Well it depends. You can still do 6-8 panda cories in a 10g if you really wanted to. With nifty hardscaping to maximize bottom area, good filtration and clean substrate, they can be happy and thrive.

I forgot to add that panda cories are more sensitive to water conditions than most other cories before. They really need clean substrate and clean water. I neglected my WCs and cleaning for a bit in January, and 3 of my 6 panda cories died in my 55 gallon tank. 

You can make the illusion that your tank is bigger than it is; the smaller the fish in proportion to the tank size, the more the tank looks bigger. 

Panda cories are one of my favorite fish. Right now I keep 2 of them in a 10g quarantine tank and there doesn't seem to be a lot of space if I added more of them in that tank. And they are the only bottom-dwelling inhabitants there!

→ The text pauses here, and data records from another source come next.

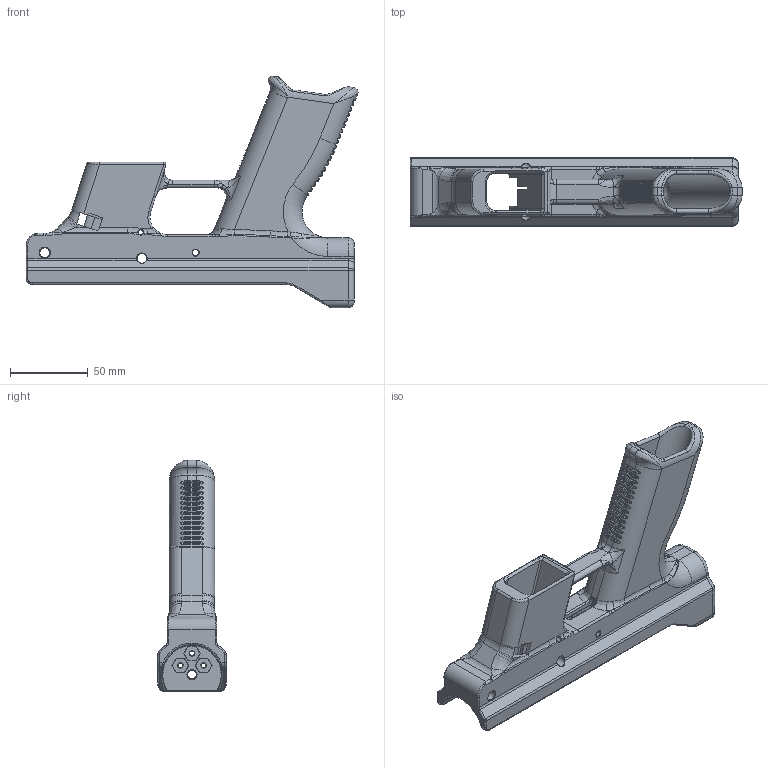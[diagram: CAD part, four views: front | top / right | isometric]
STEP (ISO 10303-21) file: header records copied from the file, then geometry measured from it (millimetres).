
FILE_DESCRIPTION(/* description */ (''),/* implementation_level */ '2;1');
FILE_NAME(/* name */ '/var/folders/q3/90_s8p4j77vgml143qxzs9nh0000gn/T/com.autodesk.mas.fusion360/Neutron/513766de-caa5-448f-be74-34fb7392d501.stp',/* time_stamp */ '2019-04-26T13:12:42-04:00',/* author */ (''),/* organization */ (''),/* preprocessor_version */ 'ST-DEVELOPER v18',/* originating_system */ 'Autodesk Translation Framework v8.2.0.1029',/* authorisation */ '');
FILE_SCHEMA (('AUTOMOTIVE_DESIGN { 1 0 10303 214 3 1 1 }'));
Length unit declared in the file: millimetre
Products named in the file (1): FreeMansGhettoBlaster
Bounding box: 213.37 x 44 x 148.84 mm (x, y, z)
Volume: 225112.7 mm3; surface area: 80597.9 mm2
Topology: 1 solids, 1 shells, 980 faces, 2386 edges, 1369 vertices
Faces by surface type: bspline 387, cylinder 272, plane 222, torus 72, cone 25, sphere 2
Full cylindrical faces by diameter (mm): 3 x3, 3.175 x2, 4 x2, 5.5 x1, 6.3 x4
Entity records: 41414 total; most frequent: CARTESIAN_POINT 20204, ORIENTED_EDGE 4718, DIRECTION 4003, EDGE_CURVE 2359, AXIS2_PLACEMENT_3D 1596, VERTEX_POINT 1370, EDGE_LOOP 1003, FACE_OUTER_BOUND 980

The 3rd panda cory I accidently put in my 20g along with 3 peppered cories. They are very hard to catch and my tank is all set-up with plants, so I don't want to stress out the little fish and spend half a day tearing down the tank to catch her. Kind of lonely but she seems to do ok with the 3 peppered cories.


----------



## blizzack (Feb 12, 2008)

dekstr said:


> Well it depends. You can still do 6-8 panda cories in a 10g if you really wanted to. With nifty hardscaping to maximize bottom area, good filtration and clean substrate, they can be happy and thrive.
> 
> I forgot to add that panda cories are more sensitive to water conditions than most other cories before. They really need clean substrate and clean water. I neglected my WCs and cleaning for a bit in January, and 3 of my 6 panda cories died in my 55 gallon tank.
> 
> ...



Well, I would definitely only keep the pandas... though I bought eco complete soil and am thinking that they may not enjoy this at all. Does anyone have experience with this? Do they seem to get by OK?

Thanks!


----------



## dekstr (Oct 23, 2007)

EC is fine for cories. I have EC, silica sand and flourite with cories and they are fine.


----------